■ Exercise goal
From the entries that follow, extract each line holding the string "radius".

(Saved entries)
Segment Open
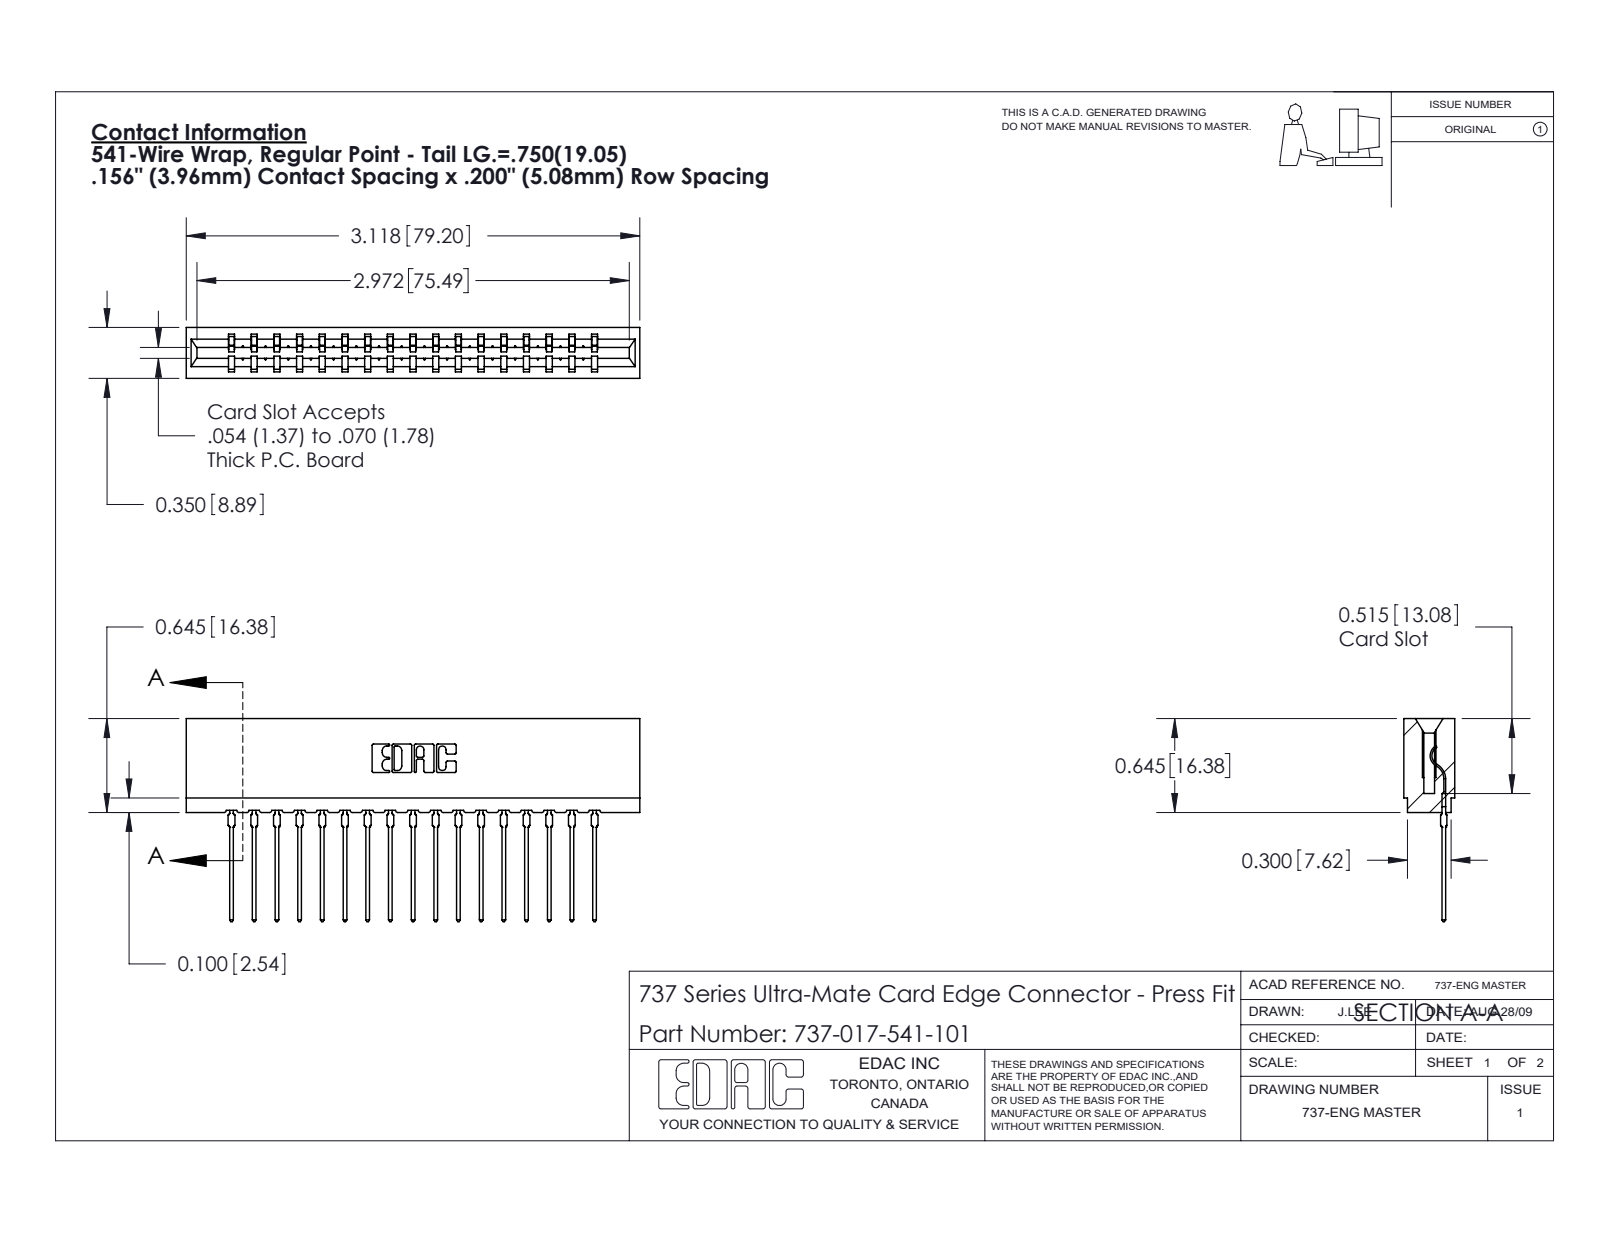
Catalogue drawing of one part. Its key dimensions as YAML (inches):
part_name: "737 Part_Insulator Option - 01; 745-292-001_541; 737-017-541-101"
step_written_by: "SolidWorks 2020 (CONFIG_CONTROL_DESIGN)"
units: inches
bodies: {solids: 18, faces: 2015, planar: 1210, cylindrical: 363, other: 442}
overall_size: [3.118, 1.396, 0.35]
volume: 0.482
surface_area: 16.31
partial_cylinders:
  - {radius: 0.015, count: 34}
  - {radius: 0.021, count: 34}
  - {radius: 0.01, count: 22}
  - {radius: 0.007, count: 6}
  - {radius: 0.031, count: 6}
  - {radius: 0.005, count: 4}
  - {radius: 0.011, count: 4}
  - {radius: 0.026, count: 3}
face_to_face_distances: [0.138, 0.212, 0.35, 0.156, 0.624, 0.78, 0.074, 0.468, 0.063, 0.287]
Segment Closed
■ Written answer
  - {radius: 0.015, count: 34}
  - {radius: 0.021, count: 34}
  - {radius: 0.01, count: 22}
  - {radius: 0.007, count: 6}
  - {radius: 0.031, count: 6}
  - {radius: 0.005, count: 4}
  - {radius: 0.011, count: 4}
  - {radius: 0.026, count: 3}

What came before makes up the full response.